__Work to be completed__:
Each line from the first entry to the line with "doc.units = 0", both included, is to be returned unchanged, with any pictures dropped.

Input for this task Start Marker

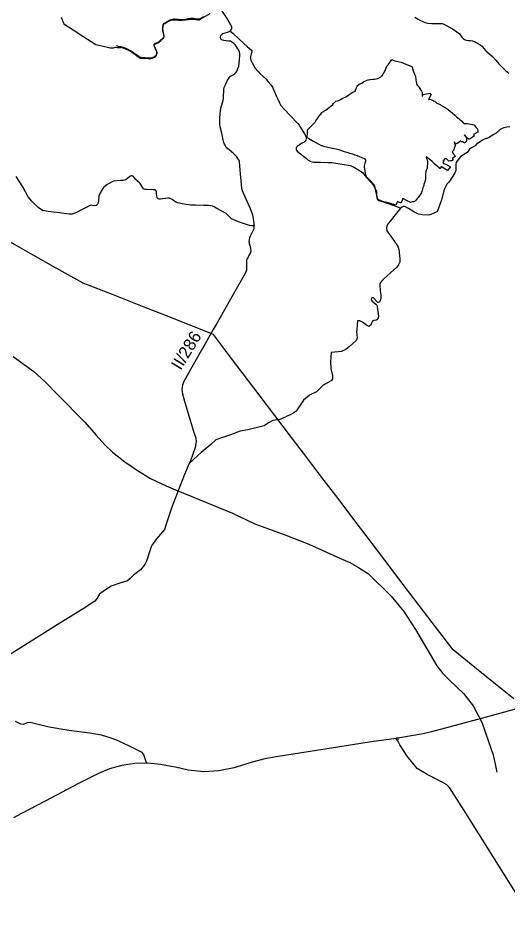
# Model space of a CAD drawing. Extents: x -789162 to -606354, y -1062736 to -945481.
# Drawn here: x -671022 to -665016, y -1016040 to -1004905 of the extents above; entities that cross this region are included whole.
import ezdxf

# ---------------------------------------------------------------- set-up
doc = ezdxf.new("R2010")
doc.units = 0
for name, color, linetype in [('_SIRSI VZTAHY_ELEKTRICKE VEDENI VN 400 kV S', 7, 'Continuous'), ('_SIRSI VZTAHY_OP vodnich zdroju II stupne', 7, 'Continuous'), ('_SIRSI VZTAHY_SILNICE I a II TRIDY_STAV POPIS', 7, 'Continuous'), ('_SIRSI VZTAHY_SILNICE I TRIDY_NAVRH', 7, 'Continuous'), ('_SIRSI VZTAHY_SILNICE I TRIDY_STAV', 7, 'Continuous'), ('_SIRSI VZTAHY_SILNICE II TRIDY_STAV', 7, 'Continuous'), ('_SIRSI VZTAHY_SILNICE III TRIDY_STAV', 7, 'Continuous')]:
    doc.layers.add(name, color=color, linetype=linetype)

msp = doc.modelspace()

# ---------------------------------------------------------------- linework, layer by layer
at = {"layer": '_SIRSI VZTAHY_ELEKTRICKE VEDENI VN 400 kV S'}
msp.add_lwpolyline([(-664943, -1013255), (-665146, -1013092), (-665400, -1012887), (-665688, -1012655), (-665892, -1012387), (-666102, -1012110), (-666299, -1011851), (-666524, -1011555), (-666718, -1011299), (-666918, -1011037), (-667099, -1010799), (-667297, -1010538), (-667470, -1010311), (-667668, -1010050), (-667873, -1009780), (-668066, -1009527), (-668405, -1009079), (-668627, -1008786), (-668923, -1008669), (-669204, -1008558), (-669455, -1008459), (-669846, -1008305), (-670227, -1008155), (-670556, -1007970), (-670866, -1007795), (-671154, -1007633)], dxfattribs=at)
at = {"layer": '_SIRSI VZTAHY_OP vodnich zdroju II stupne'}
msp.add_lwpolyline([(-670493, -1004892), (-670466, -1004967), (-670461, -1004975), (-670347, -1005048), (-670228, -1005125), (-670070, -1005226), (-669926, -1005259), (-669911, -1005263), (-669892, -1005267), (-669855, -1005270), (-669851, -1005269), (-669830, -1005261), (-669812, -1005265), (-669810, -1005265), (-669766, -1005263), (-669764, -1005262), (-669752, -1005266), (-669740, -1005269), (-669717, -1005279), (-669708, -1005282), (-669670, -1005297), (-669658, -1005303), (-669644, -1005311), (-669622, -1005326), (-669618, -1005328), (-669603, -1005341), (-669589, -1005352), (-669581, -1005358), (-669543, -1005385), (-669523, -1005394), (-669500, -1005396), (-669488, -1005398), (-669481, -1005397), (-669474, -1005396), (-669429, -1005401), (-669414, -1005403), (-669401, -1005401), (-669378, -1005395), (-669359, -1005389), (-669346, -1005383), (-669335, -1005371), (-669327, -1005357), (-669325, -1005350), (-669321, -1005338), (-669320, -1005322), (-669320, -1005322), (-669322, -1005314), (-669331, -1005292), (-669336, -1005283), (-669338, -1005280), (-669342, -1005268), (-669356, -1005235), (-669355, -1005235), (-669355, -1005232), (-669354, -1005227), (-669352, -1005224), (-669348, -1005222), (-669320, -1005211), (-669310, -1005208), (-669301, -1005202), (-669271, -1005177), (-669261, -1005167), (-669256, -1005163), (-669250, -1005157), (-669241, -1005149), (-669237, -1005143), (-669236, -1005138), (-669234, -1005132), (-669233, -1005126), (-669233, -1005120), (-669233, -1005120), (-669234, -1005118), (-669234, -1005113), (-669240, -1005087), (-669242, -1005079), (-669247, -1005053), (-669249, -1005042), (-669250, -1005035), (-669249, -1005026), (-669248, -1005020), (-669247, -1005014), (-669247, -1005008), (-669246, -1005005), (-669245, -1004995), (-669244, -1004991), (-669244, -1004985), (-669244, -1004984), (-669244, -1004980), (-669244, -1004980), (-669243, -1004977), (-669230, -1004970), (-669223, -1004969), (-669211, -1004964), (-669191, -1004950), (-669184, -1004944), (-669175, -1004942), (-669148, -1004929), (-669139, -1004927), (-669104, -1004924), (-669073, -1004926), (-669055, -1004928), (-669045, -1004929), (-669044, -1004929), (-669039, -1004930), (-669009, -1004931), (-668978, -1004927), (-668971, -1004927), (-668937, -1004922), (-668904, -1004917), (-668899, -1004917), (-668894, -1004918), (-668884, -1004917), (-668869, -1004916), (-668849, -1004920), (-668837, -1004923), (-668820, -1004925), (-668802, -1004924), (-668787, -1004918), (-668782, -1004914), (-668669, -1004846)], dxfattribs=at)
msp.add_lwpolyline([(-667348, -1006132), (-667341, -1006121), (-667314, -1006086), (-667312, -1006082), (-667311, -1006081), (-667297, -1006061), (-667272, -1006047), (-667248, -1006032), (-667204, -1005996), (-667189, -1005986), (-667164, -1005965), (-667154, -1005953), (-667127, -1005925), (-667101, -1005921), (-667070, -1005902), (-667049, -1005891), (-666996, -1005867), (-666937, -1005824), (-666916, -1005813), (-666890, -1005802), (-666885, -1005789), (-666864, -1005738), (-666858, -1005727), (-666833, -1005710), (-666830, -1005710), (-666809, -1005701), (-666782, -1005682), (-666769, -1005677), (-666740, -1005667), (-666729, -1005663), (-666724, -1005662), (-666704, -1005658), (-666676, -1005654), (-666652, -1005652), (-666633, -1005649), (-666609, -1005643), (-666573, -1005623), (-666564, -1005618), (-666564, -1005614), (-666559, -1005613), (-666522, -1005546), (-666500, -1005495), (-666486, -1005476), (-666438, -1005413), (-666403, -1005429), (-666324, -1005445), (-666266, -1005469), (-666198, -1005497), (-666196, -1005498), (-666194, -1005499), (-666191, -1005501), (-666185, -1005522), (-666179, -1005546), (-666173, -1005561), (-666162, -1005593), (-666150, -1005617), (-666144, -1005667), (-666142, -1005683), (-666136, -1005708), (-666130, -1005725), (-666117, -1005737), (-666112, -1005744), (-666102, -1005755), (-666075, -1005799), (-666067, -1005818), (-666066, -1005823), (-666066, -1005838), (-666068, -1005861), (-666060, -1005859), (-666056, -1005842), (-665975, -1005826), (-665958, -1005843), (-665981, -1005888), (-665986, -1005898), (-665988, -1005904), (-665985, -1005901), (-665978, -1005899), (-665974, -1005899), (-665953, -1005906), (-665941, -1005911), (-665926, -1005918), (-665909, -1005927), (-665894, -1005941), (-665887, -1005946), (-665874, -1005950), (-665846, -1005965), (-665810, -1005987), (-665786, -1006002), (-665761, -1006018), (-665747, -1006026), (-665725, -1006047), (-665696, -1006069), (-665670, -1006089), (-665644, -1006114), (-665615, -1006141), (-665586, -1006166), (-665561, -1006194), (-665553, -1006197), (-665530, -1006198), (-665516, -1006197), (-665434, -1006214), (-665403, -1006245), (-665394, -1006258), (-665390, -1006267), (-665384, -1006281), (-665384, -1006287), (-665386, -1006303), (-665439, -1006334), (-665429, -1006354), (-665485, -1006388), (-665493, -1006385), (-665497, -1006388), (-665498, -1006391), (-665509, -1006380), (-665516, -1006373), (-665550, -1006336), (-665526, -1006366), (-665524, -1006392), (-665522, -1006415), (-665540, -1006430), (-665547, -1006433), (-665550, -1006434), (-665560, -1006431), (-665575, -1006418), (-665582, -1006422), (-665589, -1006421), (-665593, -1006415), (-665601, -1006411), (-665599, -1006418), (-665628, -1006438), (-665657, -1006450), (-665661, -1006451), (-665669, -1006423), (-665666, -1006443), (-665664, -1006470), (-665673, -1006500), (-665680, -1006520), (-665683, -1006529), (-665699, -1006545), (-665681, -1006575), (-665667, -1006591), (-665663, -1006600), (-665699, -1006627), (-665685, -1006643), (-665695, -1006650), (-665706, -1006656), (-665718, -1006657), (-665739, -1006658), (-665744, -1006657), (-665770, -1006632), (-665789, -1006631), (-665803, -1006645), (-665812, -1006653), (-665805, -1006662), (-665809, -1006675), (-665810, -1006686), (-665807, -1006686), (-665775, -1006694), (-665721, -1006729), (-665755, -1006774), (-665820, -1006733), (-665829, -1006730), (-665834, -1006728), (-665847, -1006748), (-665849, -1006751), (-665856, -1006747), (-665885, -1006719), (-665910, -1006696), (-665946, -1006663), (-665973, -1006638), (-666001, -1006618), (-666017, -1006608), (-666018, -1006608), (-666016, -1006617), (-666007, -1006641), (-666002, -1006664), (-666003, -1006693), (-666004, -1006718), (-666006, -1006737), (-666007, -1006745), (-666016, -1006770), (-666022, -1006785), (-666027, -1006824), (-666025, -1006859), (-666028, -1006872), (-666029, -1006896), (-666038, -1006927), (-666045, -1006945), (-666048, -1006956), (-666051, -1006969), (-666057, -1006985), (-666061, -1007004), (-666066, -1007018), (-666070, -1007031), (-666074, -1007042), (-666088, -1007065), (-666108, -1007094), (-666118, -1007104), (-666127, -1007116), (-666140, -1007134), (-666150, -1007148), (-666151, -1007149), (-666163, -1007156), (-666168, -1007154), (-666171, -1007156), (-666177, -1007157), (-666191, -1007160), (-666212, -1007165), (-666216, -1007163), (-666251, -1007144), (-666304, -1007116), (-666310, -1007129), (-666318, -1007148), (-666328, -1007170), (-666329, -1007172), (-666331, -1007171), (-666357, -1007161), (-666371, -1007155), (-666375, -1007166), (-666377, -1007171), (-666386, -1007191), (-666388, -1007197), (-666468, -1007176), (-666515, -1007163), (-666554, -1007152), (-666578, -1007143), (-666593, -1007138), (-666604, -1007131), (-666609, -1007125), (-666613, -1007118), (-666616, -1007109), (-666620, -1007092), (-666622, -1007080), (-666625, -1007059), (-666624, -1007041), (-666625, -1007031), (-666629, -1007021), (-666638, -1007006), (-666643, -1006978), (-666646, -1006968), (-666652, -1006959), (-666660, -1006946), (-666705, -1006898), (-666749, -1006851), (-666759, -1006828), (-666762, -1006816), (-666766, -1006777), (-666771, -1006752), (-666775, -1006732), (-666775, -1006715), (-666772, -1006699), (-666767, -1006684), (-666758, -1006656), (-666758, -1006650), (-666758, -1006647), (-666758, -1006642), (-666776, -1006629), (-666811, -1006614), (-666832, -1006606), (-666853, -1006597), (-666856, -1006596), (-666859, -1006595), (-666896, -1006584), (-666895, -1006582), (-666920, -1006575), (-666954, -1006564), (-666975, -1006557), (-667006, -1006548), (-667089, -1006522), (-667122, -1006511), (-667183, -1006498), (-667225, -1006491), (-667273, -1006479), (-667294, -1006471), (-667301, -1006470), (-667329, -1006456), (-667385, -1006426), (-667395, -1006420), (-667458, -1006385), (-667477, -1006364), (-667473, -1006324), (-667472, -1006296), (-667475, -1006276), (-667460, -1006261), (-667451, -1006252), (-667436, -1006237), (-667424, -1006224), (-667400, -1006200), (-667380, -1006180), (-667371, -1006165)], close=True, dxfattribs=at)
at = {"layer": '_SIRSI VZTAHY_SILNICE I TRIDY_NAVRH'}
msp.add_lwpolyline([(-671082, -1009054), (-670832, -1009241), (-670690, -1009368), (-670549, -1009515), (-670414, -1009648), (-670332, -1009734), (-670203, -1009863), (-670064, -1010019), (-669961, -1010140), (-669867, -1010228), (-669716, -1010349), (-669558, -1010455), (-669398, -1010551), (-669206, -1010643), (-669064, -1010705), (-668870, -1010783), (-668642, -1010877), (-668392, -1010977), (-668118, -1011108), (-667739, -1011248), (-667457, -1011358), (-667287, -1011436), (-667070, -1011532), (-666955, -1011584), (-666846, -1011645), (-666724, -1011720), (-666447, -1011995), (-666293, -1012184), (-666150, -1012403), (-665888, -1012849), (-665812, -1012943), (-665734, -1013021), (-665558, -1013193), (-665441, -1013341), (-665334, -1013541), (-665253, -1013780), (-665198, -1013942), (-665152, -1014153)], dxfattribs=at)
at = {"layer": '_SIRSI VZTAHY_SILNICE I TRIDY_STAV'}
for points in [[(-664627, -1013302), (-665176, -1013451), (-665325, -1013493), (-665951, -1013659), (-666054, -1013685), (-666367, -1013738)], [(-666383, -1013741), (-666384, -1013741), (-666476, -1013755), (-666665, -1013779), (-667153, -1013857), (-667859, -1013965), (-667996, -1013990), (-668151, -1014034), (-668374, -1014103), (-668562, -1014140), (-668746, -1014151), (-668937, -1014131), (-669094, -1014092), (-669145, -1014085), (-669275, -1014061), (-669391, -1014048), (-669434, -1014046), (-669591, -1014048), (-669752, -1014073), (-669904, -1014114), (-670039, -1014170), (-670281, -1014294), (-670692, -1014510), (-670980, -1014662), (-671079, -1014715)], [(-666384, -1013741), (-666385, -1013743), (-666386, -1013745), (-666386, -1013747), (-666386, -1013749), (-666386, -1013751), (-666386, -1013753), (-666385, -1013755), (-666384, -1013757), (-666382, -1013759), (-666380, -1013760), (-666378, -1013761), (-666376, -1013762), (-666374, -1013762), (-666372, -1013762), (-666370, -1013762), (-666368, -1013761)], [(-666367, -1013738), (-666369, -1013737), (-666372, -1013736), (-666374, -1013736), (-666376, -1013737), (-666378, -1013737), (-666380, -1013738), (-666382, -1013739), (-666383, -1013741)], [(-666368, -1013761), (-666368, -1013761), (-666366, -1013760), (-666364, -1013758), (-666363, -1013757), (-666362, -1013755), (-666361, -1013753), (-666361, -1013751), (-666361, -1013748), (-666361, -1013746), (-666362, -1013744), (-666363, -1013742), (-666364, -1013740), (-666365, -1013739), (-666367, -1013738)], [(-664663, -1016040), (-665370, -1014913), (-665552, -1014627), (-665730, -1014342), (-665766, -1014312), (-665823, -1014279), (-666004, -1014182), (-666128, -1014108), (-666251, -1013958), (-666332, -1013832), (-666340, -1013819), (-666368, -1013761)]]:
    msp.add_lwpolyline(points, dxfattribs=at)
at = {"layer": '_SIRSI VZTAHY_SILNICE II TRIDY_STAV'}
for points in [[(-668423, -1005063), (-668411, -1005050), (-668406, -1005039), (-668403, -1005026), (-668402, -1005011), (-668405, -1005001), (-668412, -1004985), (-668433, -1004954), (-668469, -1004895), (-668506, -1004836), (-668539, -1004784), (-668554, -1004761)], [(-666155, -1004891), (-666117, -1004917), (-666087, -1004933), (-666030, -1004957), (-666001, -1004968), (-665950, -1004972), (-665875, -1004972), (-665838, -1004971), (-665822, -1004971), (-665808, -1004976), (-665756, -1005002), (-665696, -1005037), (-665659, -1005062), (-665611, -1005096), (-665581, -1005139), (-665565, -1005154), (-665546, -1005167), (-665528, -1005174), (-665506, -1005178), (-665478, -1005179), (-665450, -1005184), (-665425, -1005191), (-665403, -1005202), (-665381, -1005214), (-665356, -1005231), (-665331, -1005249), (-665313, -1005271), (-665286, -1005306), (-665235, -1005349), (-665202, -1005380), (-665165, -1005419), (-665125, -1005465), (-665078, -1005514), (-665046, -1005545), (-665006, -1005578)], [(-668128, -1007450), (-668129, -1007422), (-668133, -1007390), (-668139, -1007343), (-668144, -1007323), (-668173, -1007244), (-668226, -1007125), (-668260, -1007051), (-668270, -1007025), (-668280, -1006993), (-668285, -1006942), (-668291, -1006861), (-668304, -1006719), (-668309, -1006665), (-668317, -1006642), (-668326, -1006625), (-668339, -1006607), (-668355, -1006588), (-668377, -1006569), (-668435, -1006522), (-668470, -1006490), (-668481, -1006472), (-668490, -1006452), (-668498, -1006430), (-668506, -1006398), (-668525, -1006316), (-668543, -1006239), (-668548, -1006205), (-668549, -1006169), (-668550, -1006127), (-668546, -1006081), (-668541, -1006038), (-668531, -1005994), (-668509, -1005915), (-668505, -1005885), (-668502, -1005856), (-668500, -1005803), (-668498, -1005775), (-668494, -1005756), (-668481, -1005723), (-668453, -1005664), (-668432, -1005634), (-668417, -1005618), (-668402, -1005608), (-668385, -1005599), (-668366, -1005583), (-668348, -1005566), (-668336, -1005549), (-668326, -1005523), (-668316, -1005492), (-668306, -1005415), (-668303, -1005360), (-668303, -1005339), (-668308, -1005321), (-668317, -1005299), (-668327, -1005281), (-668347, -1005248), (-668361, -1005230), (-668378, -1005214), (-668400, -1005198), (-668419, -1005189), (-668444, -1005185), (-668499, -1005178), (-668515, -1005176), (-668524, -1005172), (-668533, -1005166), (-668538, -1005160), (-668540, -1005150), (-668542, -1005138), (-668538, -1005120), (-668528, -1005104), (-668511, -1005093), (-668501, -1005089), (-668484, -1005083), (-668456, -1005075), (-668423, -1005063)], [(-668128, -1007450), (-668130, -1007470), (-668133, -1007488), (-668152, -1007532), (-668175, -1007579), (-668183, -1007598), (-668191, -1007624), (-668192, -1007643), (-668191, -1007657), (-668187, -1007677), (-668182, -1007691), (-668172, -1007730), (-668169, -1007755), (-668173, -1007782), (-668187, -1007810), (-668203, -1007837), (-668217, -1007860), (-668222, -1007879), (-668222, -1007899), (-668221, -1007947), (-668220, -1007972), (-668222, -1007997), (-668229, -1008016), (-668237, -1008038), (-668270, -1008094), (-668347, -1008228), (-668472, -1008447), (-668583, -1008644), (-668629, -1008725), (-668728, -1008901), (-668805, -1009035), (-668907, -1009215), (-668970, -1009325), (-668991, -1009362), (-669000, -1009383), (-669006, -1009401), (-669011, -1009435), (-669013, -1009457), (-669011, -1009487), (-669007, -1009512), (-668990, -1009575), (-668952, -1009700), (-668912, -1009835), (-668863, -1009999), (-668844, -1010052), (-668839, -1010103), (-668850, -1010171), (-668909, -1010336), (-668923, -1010368)], [(-668923, -1010368), (-668981, -1010505), (-669068, -1010723), (-669136, -1010905), (-669204, -1011100), (-669229, -1011179), (-669324, -1011293), (-669386, -1011377), (-669405, -1011428), (-669449, -1011568), (-669468, -1011608), (-669523, -1011672), (-669608, -1011739), (-669648, -1011780), (-669682, -1011807), (-669775, -1011835), (-669881, -1011873), (-669963, -1011926), (-670025, -1011972), (-670054, -1012021), (-670080, -1012055), (-670226, -1012150), (-670510, -1012328), (-671354, -1012855)], [(-671060, -1013530), (-670993, -1013562), (-670957, -1013567), (-670907, -1013546), (-670876, -1013541), (-670793, -1013562), (-670641, -1013599), (-670399, -1013639), (-670145, -1013673), (-670006, -1013698), (-669884, -1013734), (-669830, -1013753), (-669668, -1013826), (-669514, -1013905), (-669487, -1013936), (-669447, -1014047)]]:
    msp.add_lwpolyline(points, dxfattribs=at)
at = {"layer": '_SIRSI VZTAHY_SILNICE III TRIDY_STAV'}
for points in [[(-668750, -1004888), (-668787, -1004911), (-668805, -1004917), (-668822, -1004917), (-668850, -1004912), (-668876, -1004908), (-668909, -1004910), (-668938, -1004914), (-668969, -1004921), (-669001, -1004924), (-669055, -1004923), (-669101, -1004919), (-669114, -1004918), (-669131, -1004920), (-669162, -1004931), (-669191, -1004947), (-669236, -1004970), (-669244, -1004976), (-669245, -1004986), (-669250, -1005033), (-669248, -1005059), (-669243, -1005083), (-669239, -1005097), (-669235, -1005121), (-669236, -1005133), (-669242, -1005145), (-669286, -1005184), (-669302, -1005198), (-669310, -1005203), (-669338, -1005215), (-669351, -1005221), (-669357, -1005230), (-669354, -1005245), (-669340, -1005279), (-669327, -1005307), (-669322, -1005336), (-669326, -1005349), (-669334, -1005366), (-669349, -1005381), (-669372, -1005389), (-669395, -1005394), (-669423, -1005395), (-669464, -1005393), (-669514, -1005389), (-669534, -1005384), (-669555, -1005369), (-669604, -1005333), (-669643, -1005304), (-669682, -1005285), (-669720, -1005270), (-669761, -1005257), (-669791, -1005251), (-669817, -1005245)], [(-668423, -1005063), (-668391, -1005090), (-668313, -1005161), (-668209, -1005255), (-668187, -1005274), (-668166, -1005294), (-668158, -1005305), (-668156, -1005322), (-668163, -1005341), (-668170, -1005358), (-668174, -1005376), (-668174, -1005400), (-668170, -1005422), (-668153, -1005454), (-668115, -1005519), (-668084, -1005556), (-668054, -1005589), (-668017, -1005620), (-668003, -1005630), (-667983, -1005650), (-667956, -1005684), (-667925, -1005723), (-667904, -1005753), (-667874, -1005816), (-667857, -1005856), (-667840, -1005890), (-667816, -1005945), (-667800, -1005976), (-667759, -1006023), (-667686, -1006100), (-667592, -1006198), (-667575, -1006219), (-667559, -1006245), (-667511, -1006322), (-667489, -1006362), (-667488, -1006377), (-667494, -1006400), (-667502, -1006413), (-667515, -1006426), (-667537, -1006440), (-667598, -1006476), (-667608, -1006488), (-667613, -1006500), (-667612, -1006512), (-667608, -1006526), (-667600, -1006535), (-667577, -1006555), (-667491, -1006623), (-667469, -1006642), (-667432, -1006662), (-667400, -1006671), (-667313, -1006673), (-667218, -1006674), (-667177, -1006677), (-666949, -1006714), (-666917, -1006726), (-666814, -1006787), (-666800, -1006800), (-666749, -1006858), (-666698, -1006916), (-666669, -1006949), (-666658, -1006965), (-666647, -1006987), (-666633, -1007060), (-666629, -1007084), (-666623, -1007111), (-666619, -1007122), (-666612, -1007132), (-666600, -1007143), (-666510, -1007172), (-666377, -1007214), (-666331, -1007235), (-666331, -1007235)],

Input for this task End Marker

__Result of the task__:
# Model space of a CAD drawing. Extents: x -789162 to -606354, y -1062736 to -945481.
# Drawn here: x -671022 to -665016, y -1016040 to -1004905 of the extents above; entities that cross this region are included whole.
import ezdxf

# ---------------------------------------------------------------- set-up
doc = ezdxf.new("R2010")
doc.units = 0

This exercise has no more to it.